The endocannabinoid system also has attracted attention as a steroidogenic target. The primary active ingredient of Cannabis sativa, Δ9-tetrahydrocannabinol (THC), increases pregnenolone synthesis in brain via activation of the type 1 cannabinoid receptor (CB1; Vallée et al., 2014). Other cannabinoid ligands thus are being studied for their potential as anxiety and PTSD therapies. There are interesting similarities between the cannabinoid system and ALLO in the regulation of emotion. Levels of ALLO and the endocannabinoid, anandamide (AEA) are decreased in models of stress-induced anxiety and depression (Matsumoto et al., 1999; Dong et al., 2001; Pibiri et al., 2008; Rademacher et al., 2008; Hill et al., 2009), and both ALLO and drugs that increase ALLO or AEA levels have similar effects on fear responses (Costanzi et al., 2003; Pibiri et al., 2008; Pinna et al., 2008; Lin et al., 2009).

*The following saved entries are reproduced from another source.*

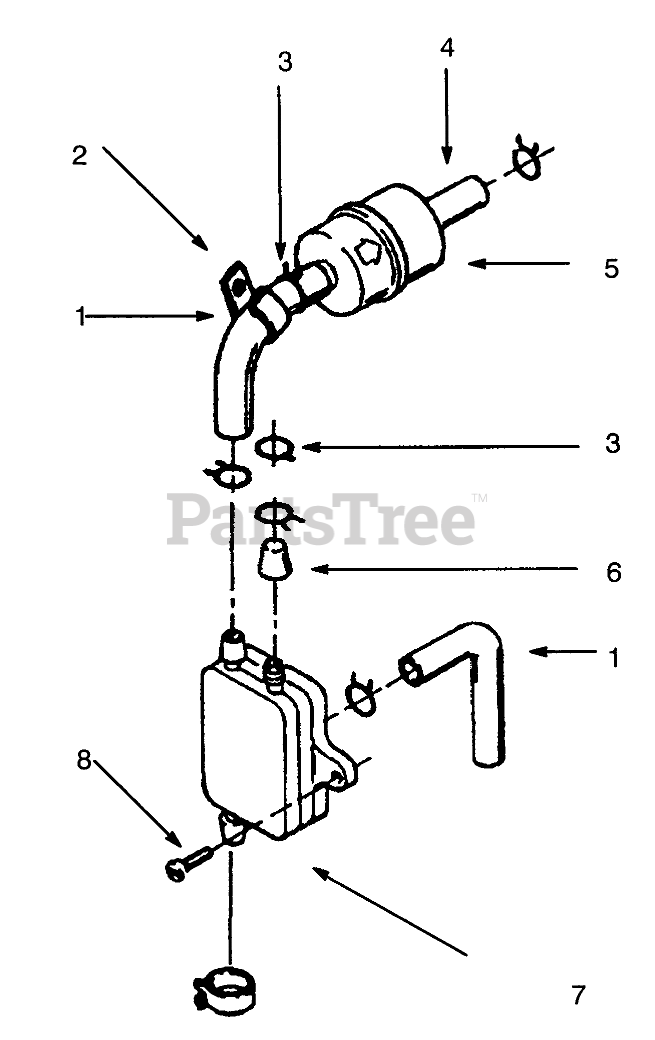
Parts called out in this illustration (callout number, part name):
1	Hose
2	Clip
3	CLAMP-HOSE
4	FUEL HOSE
5	Filter-Fuel
6	CAP-FUEL OUTLET
7	PUMP-FUEL
8	SCREW-TAPPING PAN HD
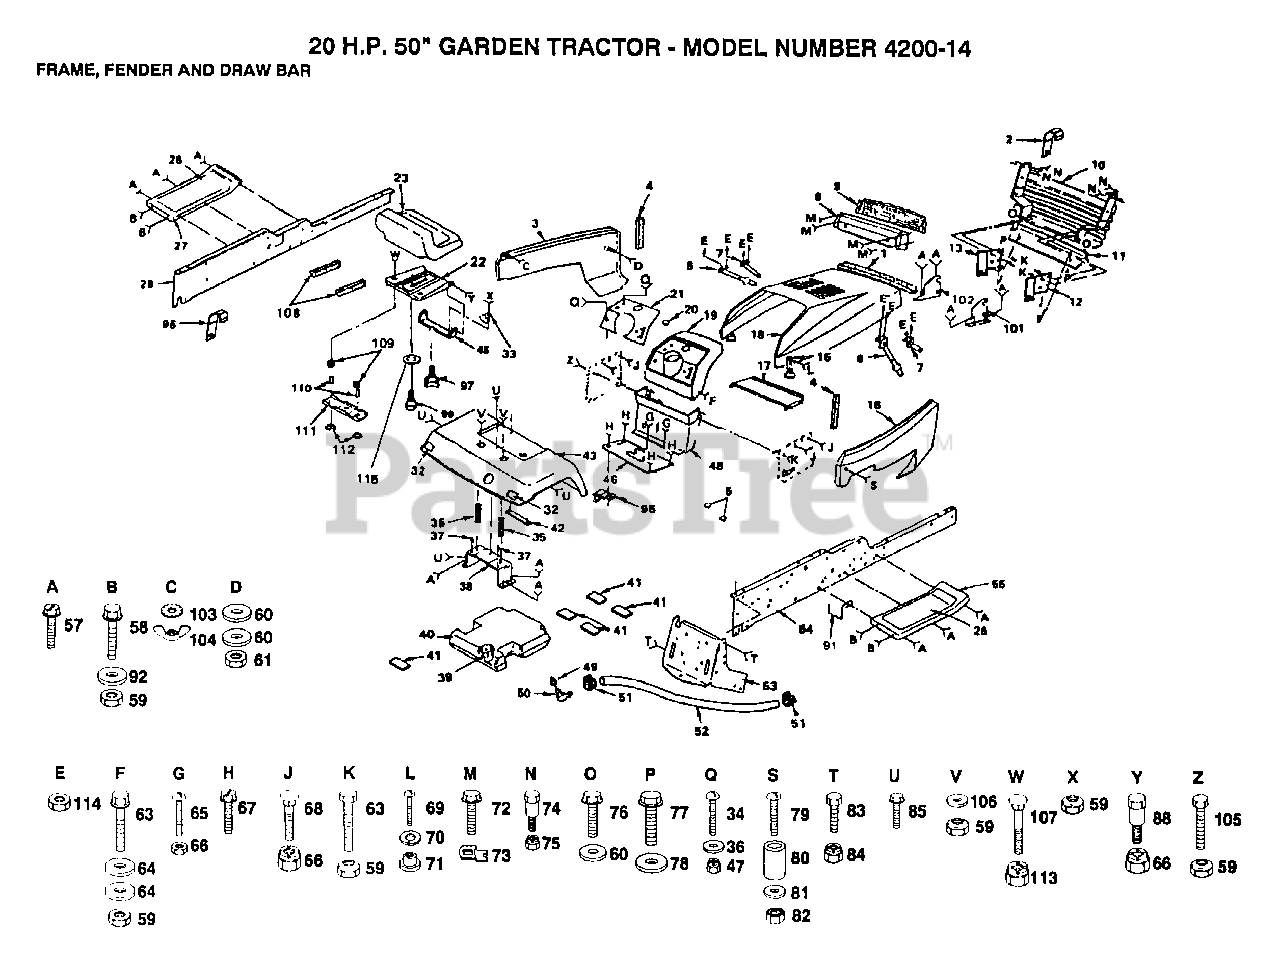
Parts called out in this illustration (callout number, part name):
1	FOAM STRIP T
4	FOAM STRIP T
5	CAP SPRING
9	LENS LT
12	SUPPORT RH YTH
13	SUPPORT LH YTH
15	HOOD LATCH T
20	PLUG-DASH T
23	SEAT
32	REFLECTOR-TAIL YT
33	CLIP T
34	SCREW
35	SPRING COMPRESSIO
36	WASHER
37	NUT-PUSH YT
41	PAD-SPACER LT
46	CVR GATE SHIFT
48	DASH ASSEMBLY
49	BUSHING OUTLET T
50	FUEL TANK STEM GT
51	HOSE CLAMP
57	SCREW
60	WASHER PM
63	BOLT
64	WASHER
65	SCREW
68	BOLT
69	SCREW
70	LOCKWASHER
71	WELDNUT
73	"""J"" FASTENER LT"
76	SCREW
77	SCREW
78	WASHER
79	SCREW
80	SPACER LT
81	WASHER
83	BOLT
84	NUT GTV
85	SCREW LT
91	BELT RETAINER GT
92	WASHER
97	"KNOB 1/2"" YT"
99	"BOLT,SHOULDER"
101	SUPPORT RH YTH
102	SUPPORT LH YTH
103	LOCKWASHER GT
106	WASHER
107	BOLT
108	STRIP FORM
109	SPRING COMPRESSED
110	SPACER SPLIT
111	BRKT SWITCH
112	BUSHING
114	NUT
115	WASHER
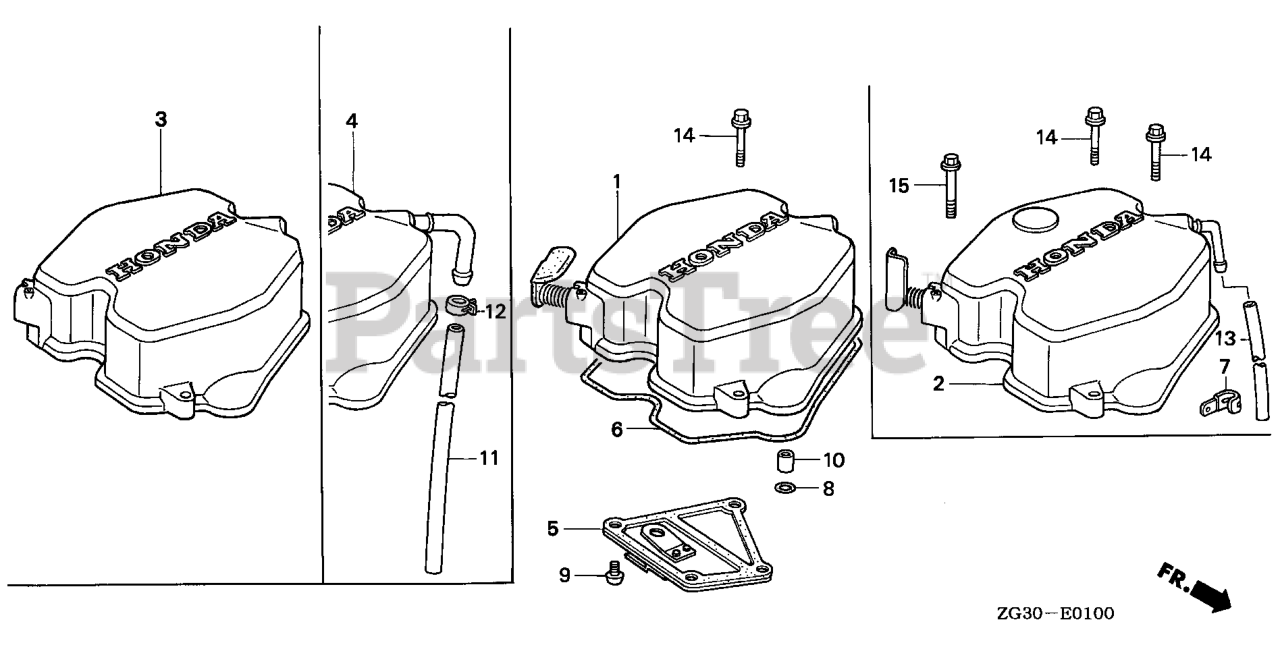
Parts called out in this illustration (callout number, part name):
1	COVER, CYLINDER HEAD (SEL)
5	PLATE, BREATHER
6	O-RING, HEAD COVER
8	O-RING
9	SCREW, PAN (6X8)
10	PIN A, DOWEL (6X10)
14	BOLT, FLANGE (6X32)

The potential role of the endocannabinoid system in regulating emotional experience is further supported by the density of endocannabinoid receptors on glutamatergic neurons in emotion relevant areas such as the amygdala, hippocampus, and cortex (Slanina and Schweitzer, 2005; Katona, 2009). In addition, cannabinoids regulate intracellular peroxisome proliferator-activated receptors (PPARs), members of the nuclear hormone receptorsuperfamily (Forman et al., 1996; O’Sullivan, 2007; Pistis and Melis, 2010). The endocannabinoids, AEA and palmitoylethanolamide (PEA) are PPAR-α agonists, and PEA’s action at PPAR-α induces analgesia by enhancing ALLO biosynthesis (Sasso et al., 2012). A PEA-related increase in brain stem ALLO levels also potentiates pentobarbital hypnosis, an effect mimicked by PPAR-α agonists and prevented by ALLO biosynthetic enzyme blockers (Sasso et al., 2010, 2012). Also of note, PEA administration shows antidepressant effects equal to those of fluoxetine (Umathe et al., 2011; Yu et al., 2011) that activate ALLO biosynthesis (Pinna et al., 2003, 2006a).

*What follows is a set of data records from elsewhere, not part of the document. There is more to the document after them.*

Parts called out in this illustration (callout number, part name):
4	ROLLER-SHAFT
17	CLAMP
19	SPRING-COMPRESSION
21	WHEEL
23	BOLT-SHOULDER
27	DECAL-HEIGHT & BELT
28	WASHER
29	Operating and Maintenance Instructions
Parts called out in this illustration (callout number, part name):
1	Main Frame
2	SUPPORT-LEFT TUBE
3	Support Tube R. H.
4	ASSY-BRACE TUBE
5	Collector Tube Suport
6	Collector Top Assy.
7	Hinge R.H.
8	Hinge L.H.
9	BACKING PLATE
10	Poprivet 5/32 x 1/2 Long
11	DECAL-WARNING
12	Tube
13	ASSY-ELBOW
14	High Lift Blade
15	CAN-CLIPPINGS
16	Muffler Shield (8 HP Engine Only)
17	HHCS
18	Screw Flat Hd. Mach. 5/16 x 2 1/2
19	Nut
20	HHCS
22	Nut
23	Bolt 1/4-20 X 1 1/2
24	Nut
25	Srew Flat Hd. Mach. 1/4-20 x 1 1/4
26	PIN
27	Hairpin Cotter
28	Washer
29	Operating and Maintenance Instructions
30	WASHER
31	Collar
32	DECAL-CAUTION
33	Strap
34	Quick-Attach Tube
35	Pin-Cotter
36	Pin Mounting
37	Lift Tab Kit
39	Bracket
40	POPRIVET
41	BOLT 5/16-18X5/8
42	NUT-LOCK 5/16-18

The finding that activation of CB1 and PPAR-α receptors is capable of inducing ALLO biosynthesis, together with the pivotal role of ALLO in facilitating the action of GABA at GABA_A receptors, invites speculation about whether cannabinoid-related anxiolytic and anti-fear effects are due to the induction of corticolimbic ALLO biosynthesis. Cannabidiol, a non-sedating phytocannabinoid with a remarkably safe profile in humans, as well as other cannabinoids (Lin et al., 2006; Kobilo et al., 2007; Suzuki et al., 2008; Stern et al., 2012) have recently been shown to disrupt recent and older contextual fear memories by interfering with their reconsolidation. This effect of cannabidiol is long lasting and can be prevented by pharmacological antagonism of CB1 receptors (Stern et al., 2012). Interestingly then, the anti-fear effects of cannabidiol resulting in reconsolidation blockade were similar to the effects of midazolam, which like ALLO, activates GABA_A receptors (Stern et al., 2012).

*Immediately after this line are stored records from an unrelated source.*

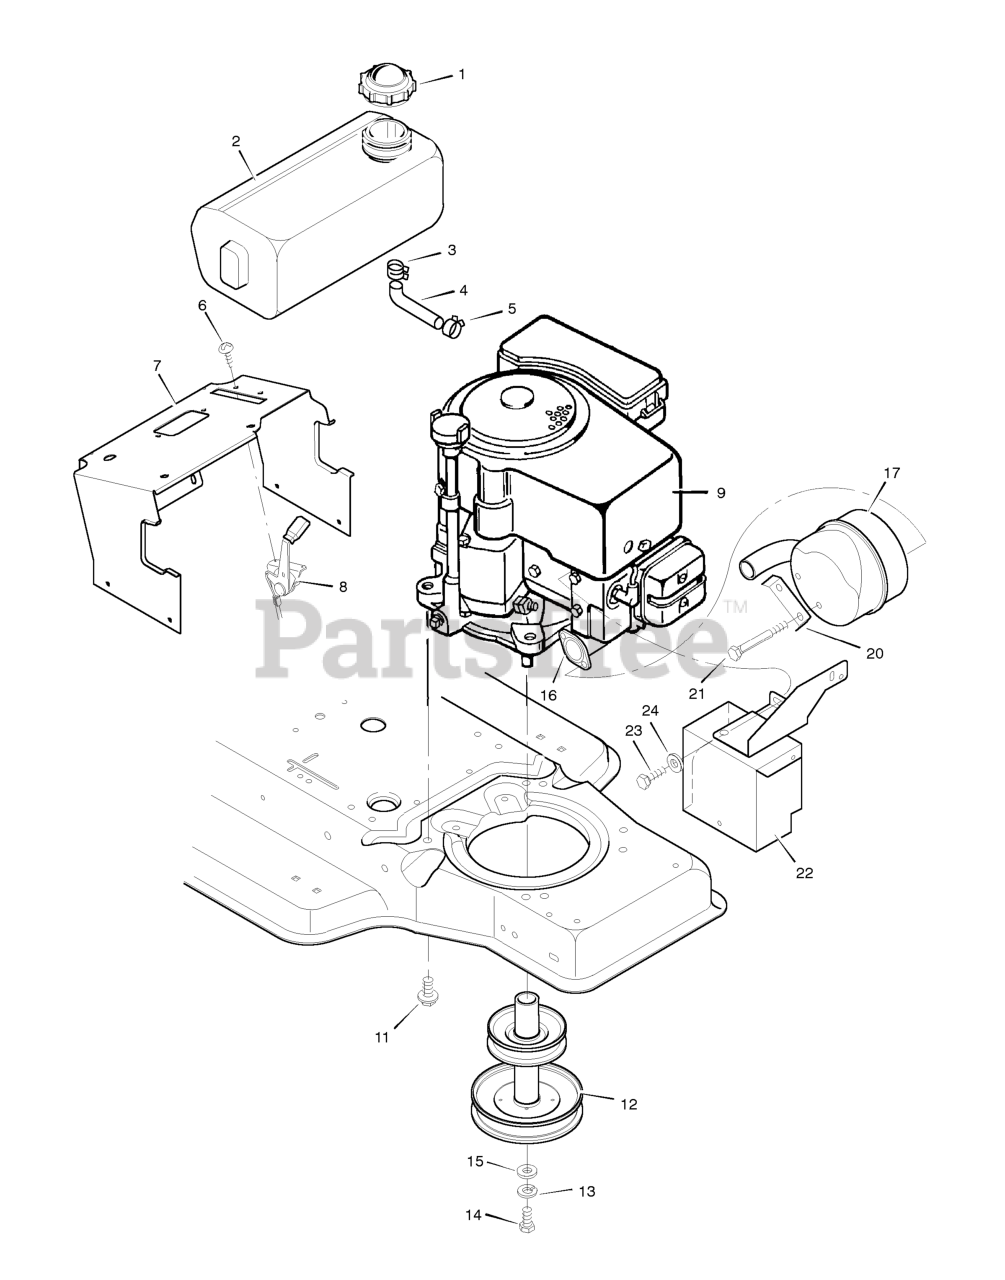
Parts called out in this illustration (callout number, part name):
1	Fuel Cap
2	Fuel Tank
3	Hose Clamp
4	Fuel Line
5	Hose Clamp
7	Support, Dash
8	Throttle Control
9	Engine *
11	Bolt, Engine Mount
12	Stack Pulley Assembly
13	Lockwasher
14	Bolt, Hex
16	GASKET, Exhaust
17	Muffler
20	Lock, Screw
22	Shield, Heat
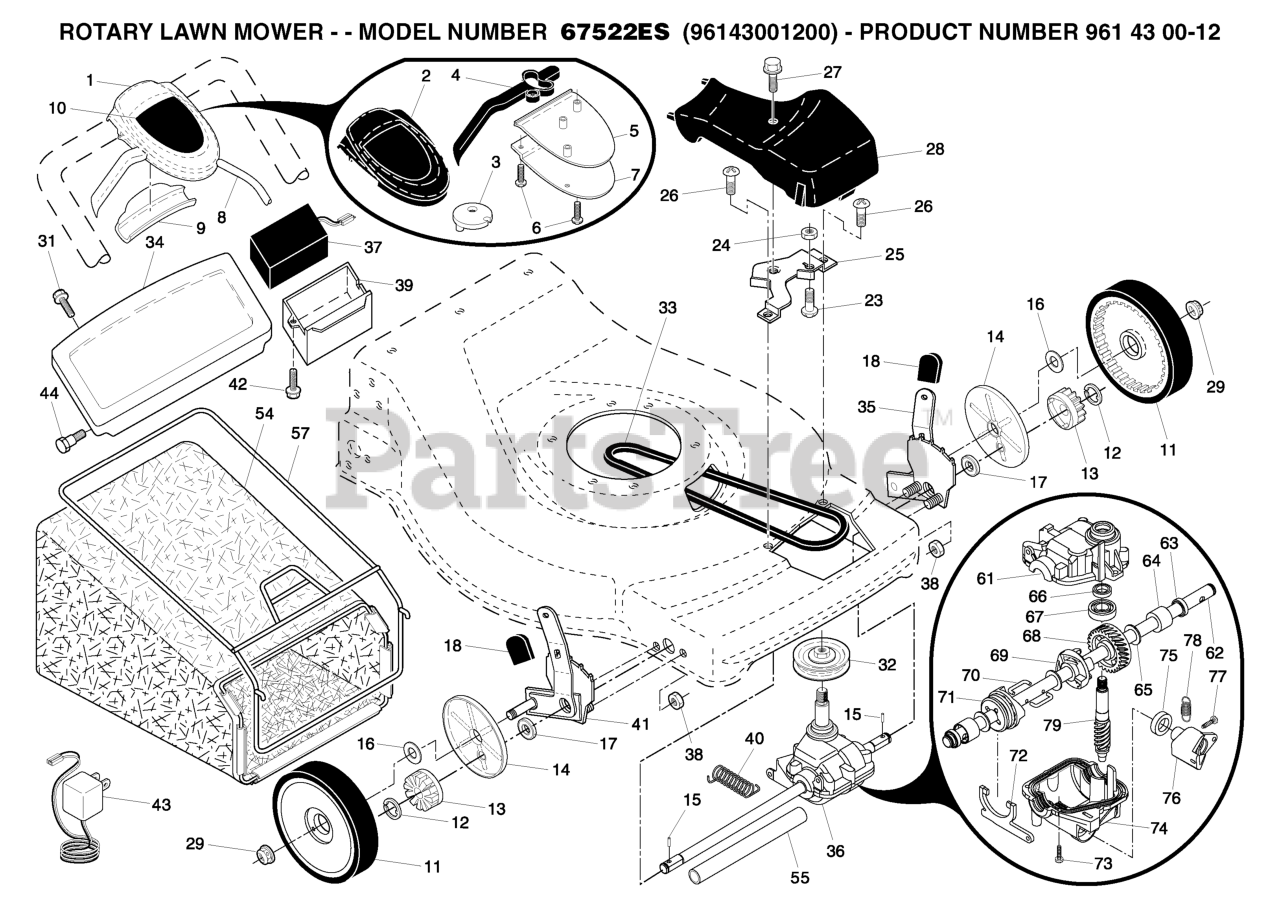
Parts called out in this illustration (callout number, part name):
1	RP CONTROL.DR.EZ
2	CASE.TOP.GRAY
3	PULLEY.CAM.DRIVE.CONTROL.HV
4	LEVER, AUTOWALK DRIVE CONTROL
5	CASE BOTTOM
6	SCREW, PHILLIPS HEAD 10 X 5/8
7	BRACKET.DRIVE.CONTROL.MOUNT.BL
9	EZ WALK SNAP COVER PLATE
11	WHEEL.8X1.75.5SPK.RAD.GREY
12	E-RING 7/16 RE
13	PINION
14	COVER.DUST.WHEEL
15	PAWL.DRIVE
16	WASHER FLUT
17	BEARING
18	KNOB.DELUXE.GRAY
23	HINGE SCREW
24	NUT.HEX.FLANGE.1/4
25	BRKT.CABLE/BELT.GUARD.
26	SCREW.HEX.WSH
27	SCREW, HEX HD TAPPING #10-24 1
29	HEX FLANGE LOCKNT
31	SCREW.PAN.HEAD.#10
32	RP PULLEY.DRIVE.EZ
33	BELT.DRIVE.FG
34	PANEL.TRIM.21.FWGD
35	RP KIT.ADJUSTER.ASM.EZ
36	TRANSMISSION.22.FWGD
37	BATTERY WITH AMP CONECTOR AGM
38	LOCKNUT.NYLOC.1/4-20
39	BOX.BATTERY.TRIM
40	SPRING RETURN
41	KIT.ADJUSTER.AS.EZ RT
42	SCREW.HWH.13-16X.50
43	RP CHARGER.BATTERY
44	SCREW.SHOULDER.HH.10X.281X.6
55	DRV SHAFT TUBE PM
57	FRAME.GBAG.EZ.EMPTY
61	GEARCASE.HOUSING
62	OUTPUT.SHAFT.(12245)
63	SEAL.OUTPUT.SHAFT
66	SEAL INPUT SHAFT
68	GEAR.27.TEETH.WALK.MOWER
70	WIRE, FORMED (15966)
74	GEARCASE.HOUSING.LOWER
77	SCREW.LEVER.
79	SHAFT INPUT (13041)

The findings of the current study also support a role for GABA_A receptors in reconsolidation blockade and recovery from conditioned fear (Duvarci and Nader, 2004; Bustos et al., 2006). Administration of the ALLO-like compound, ganaxolone, during a critical time-limited window following exposure to conditioned contextual cues (Stern et al., 2012), markedly reduced the expression of fear in subsequent extinction trials and prevented the spontaneous recovery of fear (Figure 5). Given that PTSD is associated with benzodiazepine resistance, synaptic GABA_A/benzodiazepine receptor complexes in humans with PTSD are decreased, and synaptic GABA_A receptors in the amygdala decrease after fear conditioning in rodents (Mou et al., 2011), it is tempting to speculate that blockade of reconsolidation may result from activation of extrasynaptic receptors, which are highly sensitive to neurosteroids (Belelli and Lambert, 2005). Furthermore, given that synaptic GABA_A receptors in the amygdala are restored after extinction of fear in rodents (Heldt and Ressler, 2007), it is possible that such restoration is a functional consequence of activation of extrasynaptic GABA_A receptors by GABAergic neurosteroids such as ALLO during extinction.